Amazon also enters the battle of generative AI: here is the Bedrock suite

Amazon Web Services, the cloud division of the giant founded by Jeff Bezos, has just launched a suite of services dedicated to the so-called generative AI – those, to understand, which include products that are being discussed a lot in this period such as OpenAI’s ChatGPT, Dall-E and so on.

The suite is called Bedrock, and its main feature is that it allows developers to integrate AI services capable of generating text, just like ChatGPT, into their software. Although it is the largest provider of cloud services, at least in the US, Amazon comes after both its direct competitors Microsoft and Google, which already offer similar tools.

Through AWS, developers will have access to different templates with different features and purposes: Titan, which is developed by AWS itself, consists of two templates – one that can generate text for blogs, emails, and other documents, and one to help with research and customization; then we find a model developed by the Israeli startup AI21 and one developed by the startup Anthropic, funded by Google. Finally, there is a model, made by the startup Stability AI, which transforms text into images.

Amazon says it’s making a lot of effort to make sure that the output generated by its proprietary AIs avoids the problems of inaccuracy and “hallucination” (when bots for some reason generate content that is apparently completely detached from the original text) that emerged in these early stages of the commercial spread of generative AI. Titan can be customized with customer data, but not trained, to protect everyone’s trade secrets.

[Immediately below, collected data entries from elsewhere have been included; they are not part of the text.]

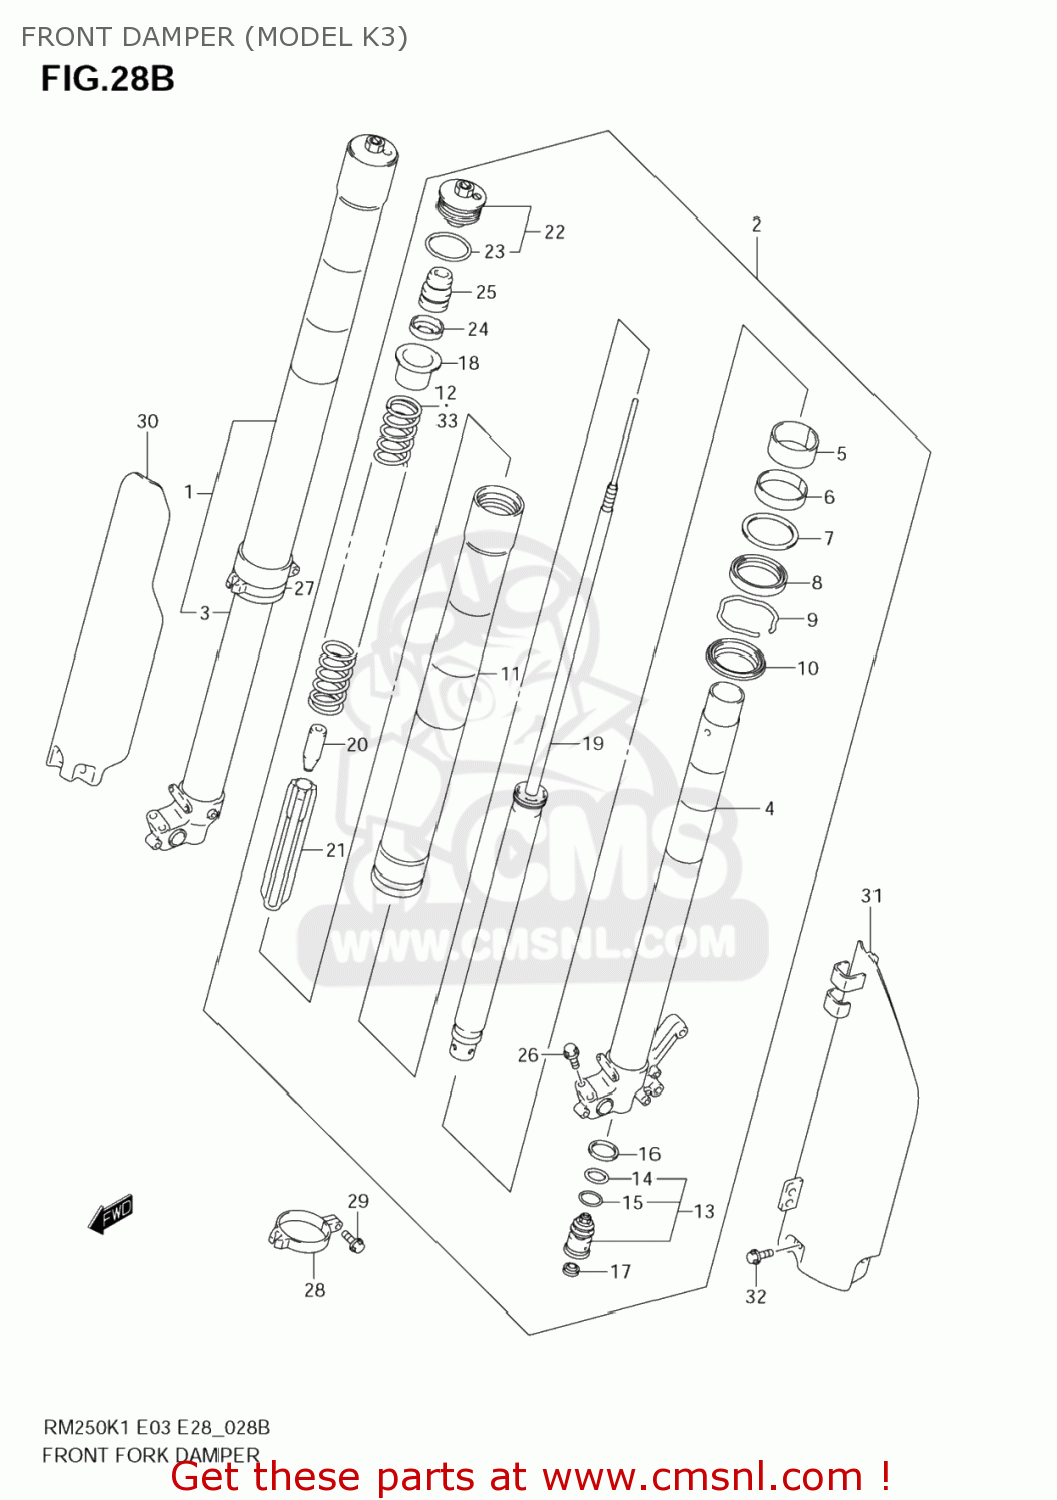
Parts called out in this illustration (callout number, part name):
1	DAMPER ASSY,FR FORK,R
2	DAMPER ASSY,FR FORK,L
3	TUBE,INNER,R
4	TUBE,INNER,L
5	BUSH,SLIDE
6	BUSH,GUIDE
7	WASHER
8	SEAL,OIL
9	RING,STOPPER
10	SEAL,DUST
11	TUBE,OUTER
12	SPRING,FR(K=4.2)
13	VALVE ASSY,BASE
14	O RING
15	O RING
16	PACKING (NAS)
17	CAP,RUBBER
18	SPACER
19	ROD ASSY,PISTON
20	NUT
21	GUIDE,SPRING
22	CAP
23	O RING
24	WASHER
25	RUBBER,CUSHION
26	BOLT
27	GUIDE,PROTECTOR,R
28	GUIDE,PROTECTOR,L
29	BOLT
30	PROTECTOR FORK,R
31	PROTECTOR,FORK,L
32	BOLT(6X10)
33	SPRING,FR(K=4.2)

Amazon explains that it has been working in the AI industry for over twenty years, and that at this point there are over 100,000 AWS customers interested in this specific technology. Among other things, the company said that a special version of Titan has already been used to provide search results on Amazon’s site.

For the moment Bedrock is available in very limited preview: interested developers must subscribe to a waiting list. Among the first confirmed high-profile interests are C3.ai, Pegasystems, Accenture and Deloitte. We still have no idea about the prices; for the moment OpenAI remains the only one to have disclosed some details in public about it – to make a long story short, we are talking about a few cents per 1,000 “tokens” (each token is equivalent to about 4 characters of text in English).